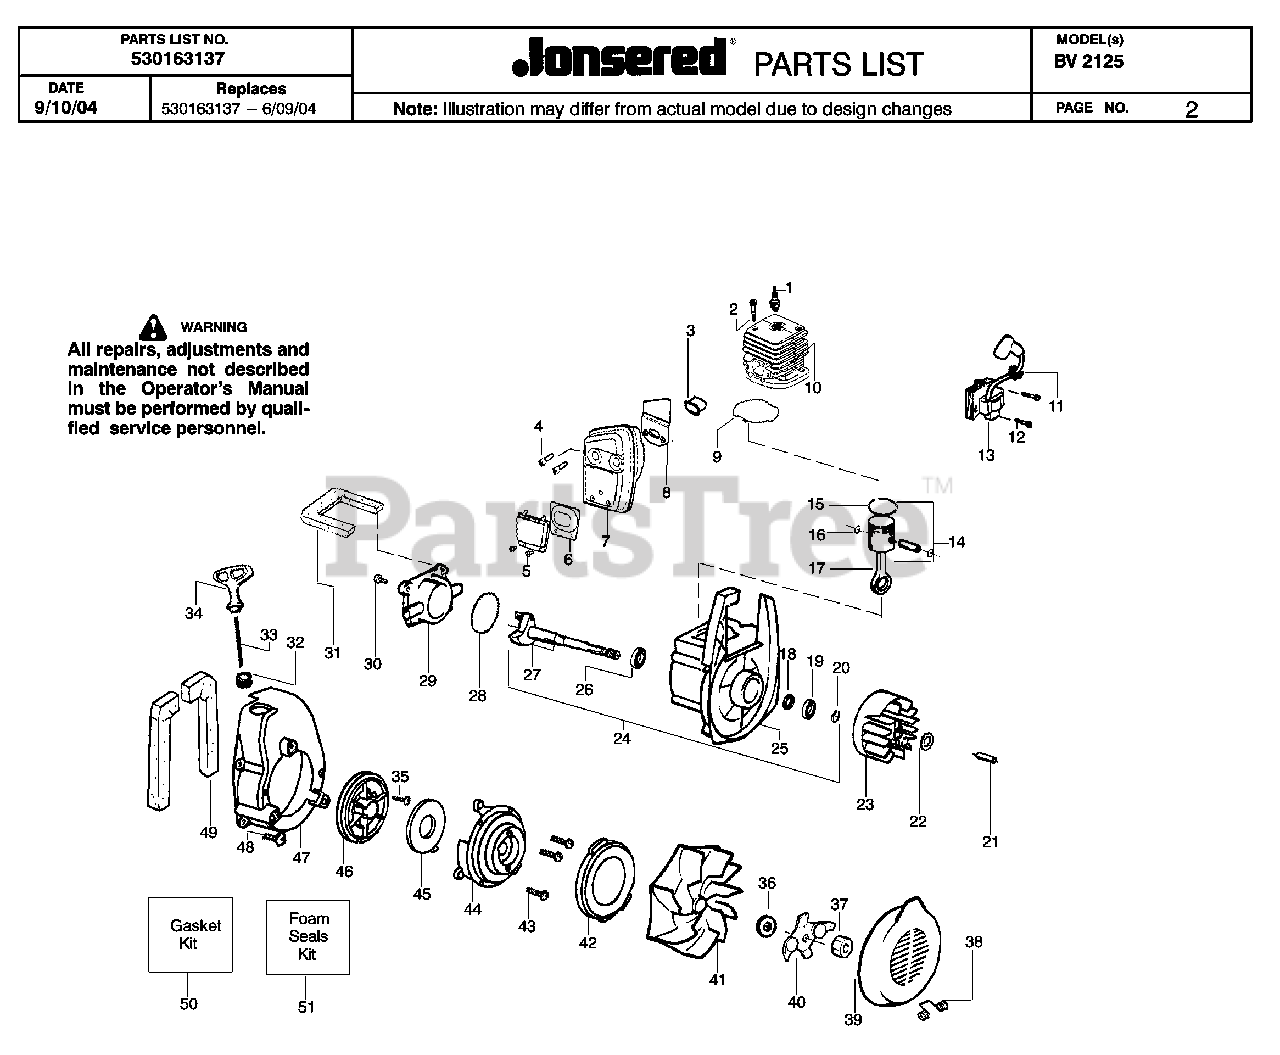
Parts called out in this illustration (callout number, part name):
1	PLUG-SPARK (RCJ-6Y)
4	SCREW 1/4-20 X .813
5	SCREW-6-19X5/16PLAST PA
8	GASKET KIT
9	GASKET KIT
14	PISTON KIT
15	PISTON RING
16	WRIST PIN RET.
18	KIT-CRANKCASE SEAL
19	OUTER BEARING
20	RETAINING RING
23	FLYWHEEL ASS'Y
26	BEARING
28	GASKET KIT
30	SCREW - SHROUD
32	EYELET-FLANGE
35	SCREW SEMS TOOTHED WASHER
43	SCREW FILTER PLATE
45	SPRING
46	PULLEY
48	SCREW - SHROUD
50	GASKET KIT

** About this exercise **
Locate the word "SCREW" in the records and collect each line it appears in.

** Response area **
4	SCREW 1/4-20 X .813
5	SCREW-6-19X5/16PLAST PA
30	SCREW - SHROUD
35	SCREW SEMS TOOTHED WASHER
43	SCREW FILTER PLATE
48	SCREW - SHROUD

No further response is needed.